Folha de Londrina

AVENIDA PARANÁ

- por Paulo Briguet

Amigo, você perdeu sua mãe três dias antes do Natal. Meus pais também se foram nessa época do ano.

Carta a meu querido amigo, o jornalista Lúcio Flávio Moura, na despedida de sua mãe, D. Almerinda

Lúcio, meu amigo,

Eu não conheci sua mãe. Acho que falei com ela uma vez, por telefone, quando liguei para sua casa convidando-o para uma Quinta Sem-Lei, nosso encontro boêmio no Bar Brasil. Se bem me lembro, a voz de sua mãe era exatamente a que eu esperava: simpática, melodiosa, com aquele delicioso sotaque da Chapada Diamantina. Voz de mãe, voz de gente que ama. Se eu não me engano, ela pediu que a gente maneirasse na cerveja...

Puxando pela memória, creio que vocês moravam na Vila Nova, um dos bairros mais antigos de Londrina, numa daquelas ruas com nomes de rios brasileiro­s. De qualquer modo, sempre que eu passo pela Vila Nova, lembro-me de você, Lúcio, e penso na sua família. Querida Vila Nova, casa de Nossa Senhora Aparecida, lar dos trabalhado­res pioneiros.

Dos nove filhos de D. Almerinda, conheci dois: o Edilson e você. Tive a honra de trabalhar com ambos, competente­s e talentosos jornalista­s, e sou muito grato por tudo que me ensinaram. Edilson, também professor, é um grande conhecedor do Paraná, um paranista de quatro costados. E você, meu amigo, como bem lembrou nosso querido Cláudio Tedeschi dias atrás, é um fenômeno: o melhor texto jornalísti­co do Paraná.
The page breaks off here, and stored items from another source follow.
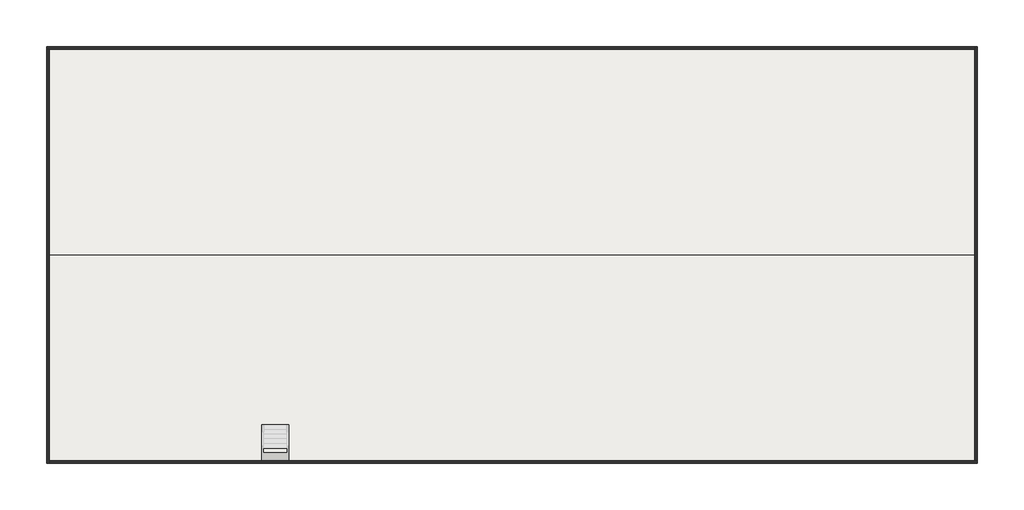
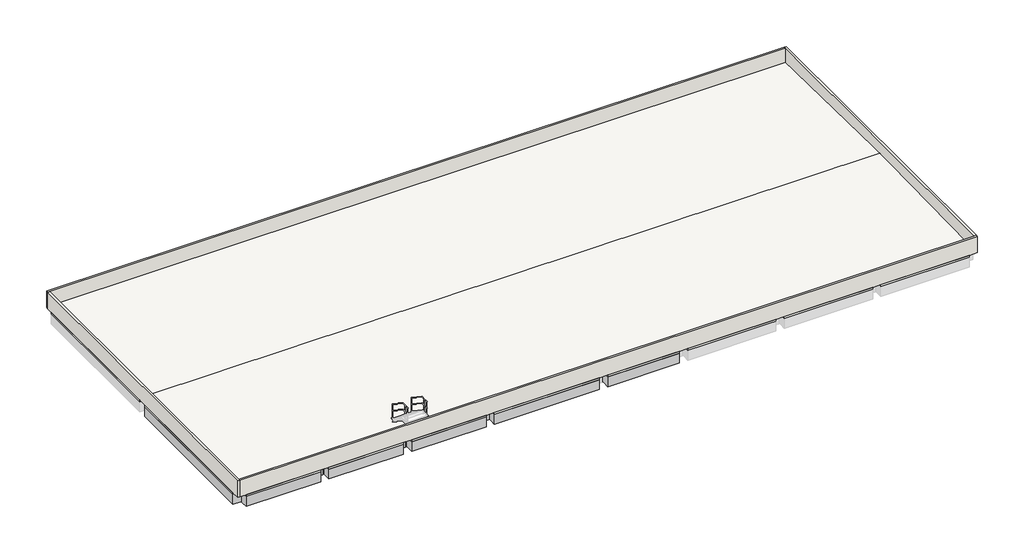
# One storey, part 1 of 3: 16 beams, 4 walls, 1 roof, 1 slab.
"""IFC4 building model written with IfcOpenShell, lengths in millimetres."""

from ifc_helpers import new_model, si_unit, frame, origin, place, context, project, spatial, polyline, outline, extrude, faceted_brep, element, save

model = new_model("IFC4")

# Units and contexts
model_context = context("Model", 3, world=origin())
ifc_project = project(units=[si_unit("LENGTHUNIT", "METRE", prefix="MILLI")], contexts=[model_context])

# Site, building, storey
site = spatial("IfcSite", under=ifc_project)
building = spatial("IfcBuilding", under=site)
storey = spatial("IfcBuildingStorey", under=building, Name="TOC", Elevation=7649.9618634)

# Beams
placement = place(None, origin())
element("IfcBeam", 1, ObjectType="RC Beam_Rectangular : H_SB_AR_S16_B600xH900_RG4", at=placement, inside=storey, context=model_context, shape_type="Brep", body=[
    faceted_brep([(300.0, 12499.5208589, 6749.9618634), (300.0, 12099.5208589, 6749.9618634), (300.0, 11899.5208589, 6749.9618634), (300.0, 11899.5208589, 7499.9618634), (300.0, 12499.5208589, 7499.9618634), (5700.0, 11899.5208589, 6749.9618634), (5700.0, 12099.5208589, 6749.9618634), (5700.0, 12499.5208589, 6749.9618634), (5700.0, 12499.5208589, 7499.9618634), (5700.0, 11899.5208589, 7499.9618634), (426.0, 11899.5208589, 7499.9618634), (2800.0, 11899.5208589, 7499.9618634), (3200.0, 11899.5208589, 7499.9618634), (3200.0, 12499.5208589, 7499.9618634), (2800.0, 12499.5208589, 7499.9618634), (426.0, 12499.5208589, 7499.9618634), (2800.0, 11899.5208589, 6749.9618634), (3200.0, 11899.5208589, 6749.9618634), (426.0, 12499.5208589, 6749.9618634), (2800.0, 12499.5208589, 6749.9618634), (3200.0, 12499.5208589, 6749.9618634)], [[[0, 1, 2, 3, 4]], [[5, 6, 7, 8, 9]], [[4, 3, 10, 11, 12, 9, 8, 13, 14, 15]], [[2, 16, 17, 5, 9, 12, 11, 10, 3]], [[2, 1, 0, 18, 19, 20, 7, 6, 5, 17, 16]], [[7, 20, 19, 18, 0, 4, 15, 14, 13, 8]]]),
])
element("IfcBeam", 2, ObjectType="RC Beam_Rectangular : H_SB_AR_S16_B600xH900_RG4", at=placement, inside=storey, context=model_context, shape_type="Brep", body=[
    faceted_brep([(6300.0, 12499.5208589, 6749.9618634), (6300.0, 12099.5208589, 6749.9618634), (6300.0, 11899.5208589, 6749.9618634), (6300.0, 11899.5208589, 7499.9618634), (6300.0, 12499.5208589, 7499.9618634), (11700.0, 11899.5208589, 6749.9618634), (11700.0, 12099.5208589, 6749.9618634), (11700.0, 12499.5208589, 6749.9618634), (11700.0, 12499.5208589, 7499.9618634), (11700.0, 11899.5208589, 7499.9618634), (8800.0, 11899.5208589, 7499.9618634), (9200.0, 11899.5208589, 7499.9618634), (9200.0, 12499.5208589, 7499.9618634), (8800.0, 12499.5208589, 7499.9618634), (8800.0, 11899.5208589, 6749.9618634), (9200.0, 11899.5208589, 6749.9618634), (8800.0, 12499.5208589, 6749.9618634), (9200.0, 12499.5208589, 6749.9618634)], [[[0, 1, 2, 3, 4]], [[5, 6, 7, 8, 9]], [[4, 3, 10, 11, 9, 8, 12, 13]], [[2, 14, 15, 5, 9, 11, 10, 3]], [[2, 1, 0, 16, 17, 7, 6, 5, 15, 14]], [[7, 17, 16, 0, 4, 13, 12, 8]]]),
])
element("IfcBeam", 3, ObjectType="RC Beam_Rectangular : H_SB_AR_S16_B600xH900_RG4", at=placement, inside=storey, context=model_context, shape_type="Brep", body=[
    faceted_brep([(12300.0, 12499.5208589, 6749.9618634), (12300.0, 12099.5208589, 6749.9618634), (12300.0, 11899.5208589, 6749.9618634), (12300.0, 11899.5208589, 7499.9618634), (12300.0, 12499.5208589, 7499.9618634), (17700.0, 11899.5208589, 6749.9618634), (17700.0, 12099.5208589, 6749.9618634), (17700.0, 12499.5208589, 6749.9618634), (17700.0, 12499.5208589, 7499.9618634), (17700.0, 11899.5208589, 7499.9618634), (14800.0, 11899.5208589, 7499.9618634), (15200.0, 11899.5208589, 7499.9618634), (15200.0, 12499.5208589, 7499.9618634), (14800.0, 12499.5208589, 7499.9618634), (14800.0, 11899.5208589, 6749.9618634), (15200.0, 11899.5208589, 6749.9618634), (14800.0, 12499.5208589, 6749.9618634), (15200.0, 12499.5208589, 6749.9618634)], [[[0, 1, 2, 3, 4]], [[5, 6, 7, 8, 9]], [[4, 3, 10, 11, 9, 8, 12, 13]], [[2, 14, 15, 5, 9, 11, 10, 3]], [[2, 1, 0, 16, 17, 7, 6, 5, 15, 14]], [[7, 17, 16, 0, 4, 13, 12, 8]]]),
])
element("IfcBeam", 4, ObjectType="RC Beam_Rectangular : H_SB_AR_S16_B600xH900_RG9", at=placement, inside=storey, context=model_context, shape_type="Brep", body=[
    faceted_brep([(300.0, 799.5208589, 6749.9618634), (300.0, 649.5208589, 6749.9618634), (300.0, 199.5208589, 6749.9618634), (300.0, 199.5208589, 7499.9618634), (300.0, 799.5208589, 7499.9618634), (5700.0, 199.5208589, 6749.9618634), (5700.0, 649.5208589, 6749.9618634), (5700.0, 799.5208589, 6749.9618634), (5700.0, 799.5208589, 7499.9618634), (5700.0, 199.5208589, 7499.9618634), (3200.0, 799.5208589, 7499.9618634), (2800.0, 799.5208589, 7499.9618634), (426.0, 799.5208589, 7499.9618634), (2800.0, 799.5208589, 6749.9618634), (3200.0, 799.5208589, 6749.9618634)], [[[0, 1, 2, 3, 4]], [[5, 6, 7, 8, 9]], [[4, 3, 9, 8, 10, 11, 12]], [[2, 5, 9, 3]], [[2, 1, 0, 13, 14, 7, 6, 5]], [[7, 14, 13, 0, 4, 12, 11, 10, 8]]]),
])
element("IfcBeam", 5, ObjectType="RC Beam_Rectangular : H_SB_AR_S16_B600xH900_RG9", at=placement, inside=storey, context=model_context, shape_type="Brep", body=[
    faceted_brep([(6300.0, 799.5208589, 6749.9618634), (6300.0, 649.5208589, 6749.9618634), (6300.0, 199.5208589, 6749.9618634), (6300.0, 199.5208589, 7499.9618634), (6300.0, 799.5208589, 7499.9618634), (11700.0, 199.5208589, 6749.9618634), (11700.0, 649.5208589, 6749.9618634), (11700.0, 799.5208589, 6749.9618634), (11700.0, 799.5208589, 7499.9618634), (11700.0, 199.5208589, 7499.9618634), (9200.0, 799.5208589, 7499.9618634), (8800.0, 799.5208589, 7499.9618634), (8800.0, 799.5208589, 6749.9618634), (9200.0, 799.5208589, 6749.9618634)], [[[0, 1, 2, 3, 4]], [[5, 6, 7, 8, 9]], [[4, 3, 9, 8, 10, 11]], [[2, 5, 9, 3]], [[2, 1, 0, 12, 13, 7, 6, 5]], [[7, 13, 12, 0, 4, 11, 10, 8]]]),
])
element("IfcBeam", 6, ObjectType="RC Beam_Rectangular : H_SB_AR_S16_B600xH900_RG9", at=placement, inside=storey, context=model_context, shape_type="Brep", body=[
    faceted_brep([(12300.0, 799.5208589, 6749.9618634), (12300.0, 649.5208589, 6749.9618634), (12300.0, 199.5208589, 6749.9618634), (12300.0, 199.5208589, 7499.9618634), (12300.0, 799.5208589, 7499.9618634), (17700.0, 199.5208589, 6749.9618634), (17700.0, 649.5208589, 6749.9618634), (17700.0, 799.5208589, 6749.9618634), (17700.0, 799.5208589, 7499.9618634), (17700.0, 199.5208589, 7499.9618634), (15200.0, 799.5208589, 7499.9618634), (14800.0, 799.5208589, 7499.9618634), (14800.0, 799.5208589, 6749.9618634), (15200.0, 799.5208589, 6749.9618634)], [[[0, 1, 2, 3, 4]], [[5, 6, 7, 8, 9]], [[4, 3, 9, 8, 10, 11]], [[2, 5, 9, 3]], [[2, 1, 0, 12, 13, 7, 6, 5]], [[7, 13, 12, 0, 4, 11, 10, 8]]]),
])
element("IfcBeam", 7, ObjectType="RC Beam_Rectangular : H_SB_AR_S16_B600xH900_RG9", at=placement, inside=storey, context=model_context, shape_type="Brep", body=[
    faceted_brep([(18300.0, 799.5208589, 6749.9618634), (18300.0, 649.5208589, 6749.9618634), (18300.0, 199.5208589, 6749.9618634), (18300.0, 199.5208589, 7499.9618634), (18300.0, 799.5208589, 7499.9618634), (25900.0, 199.5208589, 6749.9618634), (25900.0, 649.5208589, 6749.9618634), (25900.0, 799.5208589, 6749.9618634), (25900.0, 799.5208589, 7499.9618634), (25900.0, 199.5208589, 7499.9618634), (22400.0, 799.5208589, 7499.9618634), (21800.0, 799.5208589, 7499.9618634), (21800.0, 799.5208589, 6749.9618634), (22400.0, 799.5208589, 6749.9618634)], [[[0, 1, 2, 3, 4]], [[5, 6, 7, 8, 9]], [[4, 3, 9, 8, 10, 11]], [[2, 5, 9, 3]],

Por isso, Lúcio, eu me arrisco a imaginar quem era D. Almerinda, que nos deixou neste sábado, aos 86 anos, deixando nove filhos e certamente uma coleção de boas recordaçõe­s e bons exemplos. Encontro a mãe nas qualidades do filho.

Quando leio as coisas que você escreve, Lúcio, penso que existe algo de D. Almerinda nessa capacidade de modular a voz do coração e da inteligênc­ia, com a limpidez de uma cachoeira da Chapada Diamantina.

A cidade em que sua mãe nasceu, Dom Basílio, foi fundada no começo do século 18 por paulistas que procuravam ouro. Hoje a pequena cidade baiana, de apenas 14 mil habitantes, é conhecida pela produção de frutas, especialme­nte manga e maracujá. Mas eu sei que um dos frutos mais belos que Dom Basílio produziu foi exatamente D. Almerinda: o ouro de Dom Basílio.

Almerinda vem do árabe al-Miraya, que significa “torre de vigia”. É exatamente isso o que as mães são: mirantes que passam a vida a cuidar dos filhos, atentas para que eles não se percam nas armadilhas do mundo. Com o tempo, no entanto, somos nós que passamos a vigiá-las, a cuidar delas, a devolver um pouco do bem consolador que delas emana, como uma fonte de água purificant­e eterna.

Amigo, você perdeu sua mãe três dias antes do Natal. Meus pais também me deixaram nessa época do ano. Console-se na certeza de que D. Almerinda está agora na grande festa do Céu, onde é sempre Natal. Lá, na Jerusalém Celeste, a fruta preciosa da pequena Dom Basílio estará cuidando de você e de seus irmãos com um zelo e um carinho ainda maiores. Nossas mães olham por nós, Lúcio. Nosso trabalho é fazê-las sorrir.